SUPPLIED MATERIAL >>
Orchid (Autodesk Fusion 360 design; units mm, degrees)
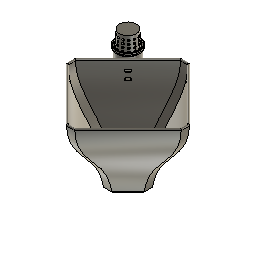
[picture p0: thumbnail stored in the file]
parameter "wall" = 1.35
parameter "height" = 102 (= "Size * 0.6") comment "Vase Hight (Medium setting)"
parameter "tolerance" = 0.15
sketch "Sketch1" plane through (0, 0, 0) normal (0, 0, 1) x axis (1, 0, 0)
  line L1 (-79.0621, -79.0621) -> (79.0621, -79.0621)
  line L2 (-79.0621, 79.0621) -> (-79.0621, -79.0621)
  line L3 (79.0621, 79.0621) -> (-79.0621, 79.0621)
  line L4 (79.0621, -79.0621) -> (79.0621, 79.0621)
  line L5 (-79.0621, 79.0621) -> (79.0621, -79.0621)
  line L6 (79.0621, 79.0621) -> (-79.0621, -79.0621)
  line L7 (-75.5266, 82.5976) -> (82.5976, -75.5266)
  line L8 (-82.5976, 75.5266) -> (75.5266, -82.5976)
  line L9 (-5.9379, 39.9379) -> (28.0621, 5.9379)
  line L10 (-39.9379, 5.9379) -> (-5.9379, 39.9379)
  line L11 (-5.9379, -28.0621) -> (-39.9379, 5.9379)
  line L12 (28.0621, 5.9379) -> (-5.9379, -28.0621)
  line L13 (-39.9379, 5.9379) -> (28.0621, 5.9379)
  line L14 (-5.9379, -28.0621) -> (-5.9379, 39.9379)
  line L15 (-5.9379, 79.0621) -> (-5.9379, 5.9379)
  line L16 (-2.4024, 9.4734) -> (-9.4734, 2.4024)
  line L17 (-60.5266, 67.5976) -> (-67.5976, 60.5266)
  circle C1 centre (-5.9379, 5.9379) radius 85
  circle C2 centre (-64.0621, 64.0621) radius 15
  circle C3 centre (-5.9379, 5.9379) radius 34
  circle C4 centre (-64.0621, 64.0621) radius 13.65
  circle C5 centre (-64.0621, 64.0621) radius 13.5
  circle C6 centre (-5.9379, 5.9379) radius 67.2
  point P6 (0, 0)
  point P1 (0, 0)
  point P7 (-5.9379, 5.9379)
  point P8 (-64.0621, 64.0621)
  point P9 (-5.9379, 5.9379)
  point P19 (-5.9379, 5.9379)
  point P15 (28.0621, 5.9379)
  point P20 (-5.9379, 5.9379)
  point P21 (-5.9379, 79.0621)
  point P22 (-9.4734, 2.4024)
  point P23 (-2.4024, 9.4734)
  point P26 (-5.9379, 5.9379)
  point P27 (-67.5976, 60.5266)
  point P28 (-60.5266, 67.5976)
  point P24 (-64.0621, 64.0621)
  horizontal L1
  perpendicular L1 L2
  parallel L1 L3
  parallel L2 L4
  coincident L5 P6
  coincident L6 P6
  coincident P1 P6
  coincident L5 P7
  coincident L5 P8
  tangent L3 C2
  tangent L4 C1
  coincident P7 P9
  perpendicular L9 L10
  parallel L9 L11
  parallel L10 L12
  coincident L13 P19
  coincident L14 P19
  coincident P9 P19
  equal L9 L12
  coincident C3 P15
  coincident P9 P20
  coincident L3 P21
  perpendicular L3 L15
  coincident L8 P22
  coincident L7 P23
  perpendicular L7 L16
  equal L2 L3
  midpoint P19 L16
  coincident P19 P26
  tangent C2 C6
  coincident L8 P27
  coincident L7 P28
  perpendicular L7 L17
  coincident P24 L17
  dimension "Size" diameter C1 = 170
  dimension "d5" diameter C2 = 30
  dimension "d8" = 5
  dimension "d9" = -5
  dimension "d16" = -51 (= "-Size * 0.3")
  dimension "d17" angle L13 L15 = 90
  dimension "d81" distance P7 P8 = 82.2 (= "Size * 0.42 + ( wall * 8 )")
work_plane "WorkPlane1" AlongDistance 25.5 (= "height / 4")
work_plane "WorkPlane2" AlongDistance 102 (= "height")
work_plane "WorkPlane5" AlongDistance 61.2 (= "height * 0.6")
work_plane "WorkPlane4" RotateAngle 90
sketch "Sketch2" plane through (0, 0, 25.5) normal (0, 0, 1) x axis (1, 0, 0)
  line L1 (-5.9379, 90.9379) -> (-5.9379, 5.9379)
  line L2 (-5.9379, 48.4379) -> (36.5621, 5.9379)
  line L3 (-48.4379, 5.9379) -> (-5.9379, 48.4379)
  line L4 (-5.9379, -36.5621) -> (-48.4379, 5.9379)
  line L5 (36.5621, 5.9379) -> (-5.9379, -36.5621)
  line L6 (-48.4379, 5.9379) -> (36.5621, 5.9379)
  line L7 (-5.9379, -36.5621) -> (-5.9379, 48.4379)
  circle C1 centre (-5.9379, 5.9379) radius 85
  circle C2 centre (-5.9379, 5.9379) radius 42.5
  point P2 (-5.9379, 5.9379)
  point P4 (-5.9379, 5.9379)
  point P5 (-5.9379, 90.9379)
  point P10 (-5.9379, 5.9379)
  point P6 (36.5621, 5.9379)
  coincident P2 P4
  coincident C1 P5
  vertical L1
  perpendicular L2 L3
  parallel L2 L4
  parallel L3 L5
  coincident L6 P10
  coincident L7 P10
  coincident P2 P10
  equal L2 L5
  coincident C2 P6
  dimension "d14" = -42.5 (= "-Size * 0.25")
  dimension "d15" angle L1 L6 = 90
sketch "Sketch3" plane through (0, 0, 102) normal (0, 0, 1) x axis (1, 0, 0)
  line L1 (-5.9379, 90.9379) -> (79.0621, 5.9379)
  line L2 (-90.9379, 5.9379) -> (-5.9379, 90.9379)
  line L3 (-5.9379, -79.0621) -> (-90.9379, 5.9379)
  line L4 (79.0621, 5.9379) -> (-5.9379, -79.0621)
  line L5 (-90.9379, 5.9379) -> (79.0621, 5.9379)
  line L6 (-5.9379, -79.0621) -> (-5.9379, 90.9379)
  line L7 (-5.9379, 90.9379) -> (-5.9379, 5.9379)
  circle C1 centre (-5.9379, 5.9379) radius 85
  circle C2 centre (-64.0621, 64.0621) radius 15
  circle C3 centre (-64.0621, 64.0621) radius 7.5
  point P7 (-5.9379, 5.9379)
  point P2 (-5.9379, 5.9379)
  point P3 (79.0621, 5.9379)
  point P8 (-5.9379, 5.9379)
  point P9 (-5.9379, 90.9379)
  perpendicular L1 L2
  parallel L1 L3
  parallel L2 L4
  coincident L5 P7
  coincident L6 P7
  coincident P2 P7
  equal L1 L4
  coincident C1 P3
  coincident P2 P8
  coincident C1 P9
  vertical L7
  concentric C2 C3
  dimension "d18" angle L5 L7 = 90
  dimension "d126" diameter C3 = 15
sketch "Sketch9" plane through (0, 0, 61.2) normal (0, 0, 1) x axis (1, 0, 0)
  circle C1 centre (-64.0621, 64.0621) radius 13.65
  circle C2 centre (-64.0621, 64.0621) radius 11
  concentric C1 C2
  dimension "d127" diameter C2 = 22
loft "Loft2" sketch "Sketch1" + "Sketch9" + "Sketch3" Start Weight 4.0298 Start TakeOff Angle 0 End Weight -3.9427 End TakeOff Angle 0
loft "Loft1" sketch "Sketch1" + "Sketch2" + "Sketch3" Start Weight 1.991 Start TakeOff Angle 0 End Weight -1.8239 End TakeOff Angle 0
chamfer "Chamfer4" distance 8
extrude "Extrude2" new body sketch "Sketch1" profile of C1 C2 L7 L8 C3 L9 L10 L16 C4 C5 C6 L17 blind 15 from offset 3
extrude "Extrude3" sketch "Sketch1" profile of C1 C2 L7 L8 C3 L9 L10 L16 C4 C5 C6 L17 blind -15 from offset -10
chamfer "Chamfer1" distance 1.35 (= "wall")
fillet "Fillet1" radius 3
extrude "Extrude17" sketch "Sketch1" profile of C1 L7 L8 C5 blind 20 taper -5
shell "Shell1" innerThickness 1.35 (= "wall")
extrude "Extrude18" add sketch "Sketch1" profile of C1 C2 L7 L8 C4 C5 along normal blind 20 taper -3
extrude "Extrude16" cut sketch "Sketch1" profile of C1 L7 L8 C4 C5 along normal blind 20 taper -5
offset_faces "OffsetFaces5" distance 1.35 (= "wall")
sketch "Sketch6" plane through (0, 0, 102) normal (0, 0, 1) x axis (-1, 0, 0)
  line L1 (64.0621, -47.5621) -> (64.0621, -80.5621)
  line L2 (56.3942, -49.4521) -> (71.73, -78.6721)
  line L3 (50.4829, -54.689) -> (77.6413, -73.4352)
  line L4 (47.6824, -62.0732) -> (80.4418, -66.0509)
  line L5 (48.6343, -69.9131) -> (79.4899, -58.2111)
  line L6 (53.1206, -76.4125) -> (75.0036, -51.7117)
  line L7 (60.1134, -80.0826) -> (68.0108, -48.0415)
  line L8 (68.0108, -80.0826) -> (60.1134, -48.0415)
  line L9 (75.0036, -76.4125) -> (53.1206, -51.7117)
  line L10 (79.4899, -69.9131) -> (48.6343, -58.2111)
  line L11 (80.4418, -62.0732) -> (47.6824, -66.0509)
  line L12 (77.6413, -54.689) -> (50.4829, -73.4352)
  line L13 (71.73, -49.4521) -> (56.3942, -78.6721)
  circle C1 centre (64.0621, -64.0621) radius 15.15
  circle C2 centre (64.0621, -64.0621) radius 16.5
  circle C3 centre (64.0621, -64.0621) radius 12.3
  circle C4 centre (64.0621, -64.0621) radius 15
  circle C5 centre (64.0621, -64.0621) radius 13.65
  point P5 (64.0621, -80.5621)
  point P6 (64.0621, -47.5621)
  point P3 (64.0621, -64.0621)
  coincident C2 P5
  coincident C2 P6
  vertical L1
  coincident P3 L1
  concentric C2 C4
  concentric C3 C5
  dimension "d115" distance C1 C2 = 1.35 (= "wall")
  dimension "d140" distance C1 C4 = 0.15 (= "tolerance")
  dimension "d141" distance C3 C5 = 1.35 (= "wall")
  dimension "d74" C-Pattern1-Angle = 360
extrude "Extrude7" add sketch "Sketch6" profile of C1 C2 C3 L1 L2 L3 L4 L5 L6 L7 L8 L9 L10 L11 L12 L13 no distance stored
extrude "Extrude6" add sketch "Sketch6" profile of C1 C2 L1 L2 L3 L4 L5 L6 L7 L8 L9 L10 L11 L12 L13 along normal blind 2 taper -5
extrude "Extrude8" cut sketch "Sketch6" profile of C3 L1 L2 L3 L4 L5 L6 L7 L8 L9 L10 L11 L12 L13 C5 along normal blind 2.5
rectangular_pattern "R-Pattern1" uSpaceDistance 4.5 vSpaceDistance 0
chamfer "Chamfer5" distance 0.8
circular_pattern "C-Pattern1" countU 13 TotalAngle 360
chamfer "Chamfer7" distance 2.7 (= "wall * 2") distance 1.5 (= "wall + tolerance")
sketch "Sketch7" plane through (-5.9379, 5.9379, 0) normal (0.7071, -0.7071, 0) x axis (0.7071, 0.7071, 0)
  line L1 (3.65, 6) -> (3.65, 15)
  line L2 (-3.65, 15) -> (-3.65, 6)
  line L3 (5, 15) -> (5, 6)
  line L4 (-5, 6) -> (-5, 15)
  line L5 (-3.65, 89) -> (-3.65, 80)
  line L6 (3.65, 80) -> (3.65, 89)
  line L7 (5, 89) -> (5, 80)
  line L8 (-5, 80) -> (-5, 89)
  line L9 (-2, 4.35) -> (2, 4.35)
  line L10 (2, 16.65) -> (-2, 16.65)
  line L11 (2, 3) -> (-2, 3)
  line L12 (-2, 18) -> (2, 18)
  line L13 (-2, 78.35) -> (2, 78.35)
  line L14 (2, 90.65) -> (-2, 90.65)
  line L15 (-2, 92) -> (2, 92)
  line L16 (2, 77) -> (-2, 77)
  line L17 (2, 80) -> (-2, 89)
  line L18 (2, 6) -> (-2, 15)
  line L19 (2, 87.35) -> (-2, 87.35)
  line L20 (2, 81.65) -> (-2, 81.65)
  line L21 (2, 13.35) -> (-2, 13.35)
  line L22 (2, 7.65) -> (-2, 7.65)
  arc A1 centre (-2, 6) radius 1.65 clockwise from (-2, 4.35) to (-3.65, 6)
  arc A2 centre (-2, 15) radius 1.65 clockwise from (-3.65, 15) to (-2, 16.65)
  arc A3 centre (-2, 6) radius 3 clockwise from (-2, 3) to (-5, 6)
  arc A4 centre (-2, 15) radius 3 clockwise from (-5, 15) to (-2, 18)
  arc A5 centre (2, 80) radius 1.65 clockwise from (3.65, 80) to (2, 78.35)
  arc A6 centre (2, 89) radius 1.65 clockwise from (2, 90.65) to (3.65, 89)
  arc A7 centre (2, 80) radius 3 clockwise from (5, 80) to (2, 77)
  arc A8 centre (2, 89) radius 3 clockwise from (2, 92) to (5, 89)
  arc A9 centre (2, 6) radius 1.65 clockwise from (3.65, 6) to (2, 4.35)
  arc A10 centre (2, 15) radius 1.65 clockwise from (2, 16.65) to (3.65, 15)
  arc A11 centre (2, 6) radius 3 clockwise from (5, 6) to (2, 3)
  arc A12 centre (2, 15) radius 3 clockwise from (2, 18) to (5, 15)
  arc A13 centre (-2, 80) radius 1.65 clockwise from (-2, 78.35) to (-3.65, 80)
  arc A14 centre (-2, 89) radius 1.65 clockwise from (-3.65, 89) to (-2, 90.65)
  arc A15 centre (-2, 89) radius 3 clockwise from (-5, 89) to (-2, 92)
  arc A16 centre (-2, 80) radius 3 clockwise from (-2, 77) to (-5, 80)
  circle C1 centre (2, 89) radius 1.65
  circle C2 centre (-2, 89) radius 1.65
  circle C3 centre (-2, 80) radius 1.65
  circle C4 centre (2, 80) radius 1.65
  circle C5 centre (0, 84.5) radius 1.65
  circle C6 centre (2, 15) radius 1.65
  circle C7 centre (-2, 15) radius 1.65
  circle C8 centre (-2, 6) radius 1.65
  circle C9 centre (2, 6) radius 1.65
  circle C10 centre (0, 10.5) radius 1.65
  point P39 (-2, 89)
  point P42 (-2, 89)
  point P20 (2, 80)
  point P43 (2, 80)
  point P19 (-2, 15)
  point P44 (-2, 15)
  point P27 (2, 6)
  point P45 (2, 6)
  point P49 (2, 80)
  point P50 (0, 84.5)
  point P52 (-2, 15)
  point P54 (2, 6)
  point P55 (0, 10.5)
  point P56 (-2, 87.35)
  point P57 (2, 87.35)
  point P58 (-2, 81.65)
  point P59 (2, 81.65)
  point P60 (-2, 13.35)
  point P61 (2, 13.35)
  point P62 (-2, 7.65)
  point P63 (2, 7.65)
  point P11 (2, 90.65)
  point P18 (-2, 6)
  point P53 (-2, 6)
  coincident P39 P42
  coincident P20 P43
  coincident P19 P44
  coincident P27 P45
  concentric A6 C1
  concentric A14 C2
  concentric A13 C3
  coincident P43 P49
  midpoint L17 P50
  concentric A10 C6
  coincident P44 P52
  coincident P45 P54
  midpoint L18 P55
  equal C1 C2
  equal C1 C5
  equal C1 C4
  equal C1 C3
  equal C1 C6
  equal C1 C7
  equal C1 C10
  equal C1 C9
  equal C1 C8
  coincident C2 P56
  coincident C1 P57
  tangent C1 L19
  horizontal L19
  coincident C3 P58
  coincident C4 P59
  tangent C4 L20
  parallel L19 L20
  coincident C7 P60
  coincident C6 P61
  tangent C6 L21
  parallel L20 L21
  coincident C8 P62
  coincident C9 P63
  tangent C9 L22
  parallel L21 L22
  coincident P11 C1
  coincident P18 P53
extrude "Extrude19" cut sketch "Sketch7" profile of L1 L2 L5 L6 A1 A2 A5 A6 A9 L9 L10 A10 L13 A13 A14 L14 C1 C2 C3 C4 C5 C6 C7 C8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 against normal blind 82.2 (magnitude of "-d81")
extrude "Extrude14" cut sketch "Sketch7" profile of A1 A2 A5 A6 A9 L9 L10 A10 L13 A13 A14 L14 C1 C2 C3 C4 C6 C7 C8 C9 L19 L20 L21 L22 against normal blind 85 (magnitude of "-Size / 2")
combine "Combine6"
remove_body "RemoveBody21"
remove_body "RemoveBody22"
combine "Combine7"
remove_body "RemoveBody25"
remove_body "RemoveBody27"
sketch "Sketch8" plane through (0, 0, 0) normal (0.7071, 0.7071, 0) x axis (-0.7071, 0.7071, 0)
  line L1 (103.1951, 81.3215) -> (78.7657, 77.0139)
  line L2 (43.0145, 66.35) -> (18.2875, 66.35)
  line L3 (103.1951, 81.3215) -> (103.1951, 82.6923)
  line L4 (103.1951, 82.6923) -> (78.5685, 78.35)
  curve K1 (103.8915, 20) -> (104.2073, 97.9502)
  curve K2 (78.5685, 78.35) -> (77.3035, 20)
  curve K3 (76.9876, 97.9502) -> (77.2864, 90.65)
  point P6 (103.1951, 82.6923)
  point P5 (78.5685, 78.35)
  point P10 (78.5685, 78.35)
  point P13 (78.7657, 77.0139)
  point P2 (18.2875, 66.35)
  horizontal L2
  parallel L1 L4
  vertical L3
  coincident P6 K1
  coincident P5 P10
  coincident K2 P13
  coincident P2 L1
  dimension "d84" angle L1 L2 = 10
  dimension "d136" distance L1 L4 = 1.35 (= "wall")
extrude "Extrude11" new body sketch "Sketch8" profile of L1 L3 L4 distance 20
combine "Combine5"
remove_body "RemoveBody9"
remove_body "RemoveBody14"
work_plane "WorkPlane3" RotateAngle 90
sketch "Sketch5" plane through (-5.9379, 30, 100) normal (1, 0, 0) x axis (0, 1, 0)
  line L1 (53.9311, 2) -> (55.2811, 2)
  line L2 (54.6061, 1.2) -> (54.6061, 2)
  line L3 (-18.9644, 2) -> (53.9311, 2)
  line L4 (60.9379, 2) -> (-24.0621, 2)
  circle C1 centre (54.6061, 1.2) radius 1.25
  point P2 (55.2811, 2)
  point P3 (53.9311, 2)
  point P5 (54.6061, 2)
  point P4 (54.6061, 1.2)
  point P6 (54.6061, 1.2)
  point P7 (53.9311, 2)
  coincident P2 L4
  coincident P3 L3
  midpoint L1 P5
  perpendicular L1 L2
  coincident P4 P6
  coincident P3 P7
  dimension "d36" diameter C1 = 2.5
  dimension "d135" distance P5 P6 = 0.8
sweep "Sweep1" sketch "Sketch5" TwistAngle 0 TaperAngle 0
combine "Combine8"

PROBLEM TO WORK ON >>
Scan the lines above for the word "magnitude" and copy every one where it occurs.

THE COMPLETED TASK >>
extrude "Extrude19" cut sketch "Sketch7" profile of L1 L2 L5 L6 A1 A2 A5 A6 A9 L9 L10 A10 L13 A13 A14 L14 C1 C2 C3 C4 C5 C6 C7 C8 against normal blind 82.2 (magnitude of "-d81")
extrude "Extrude14" cut sketch "Sketch7" profile of A1 A2 A5 A6 A9 L9 L10 A10 L13 A13 A14 L14 C1 C2 C3 C4 C6 C7 C8 C9 L19 L20 L21 L22 against normal blind 85 (magnitude of "-Size / 2")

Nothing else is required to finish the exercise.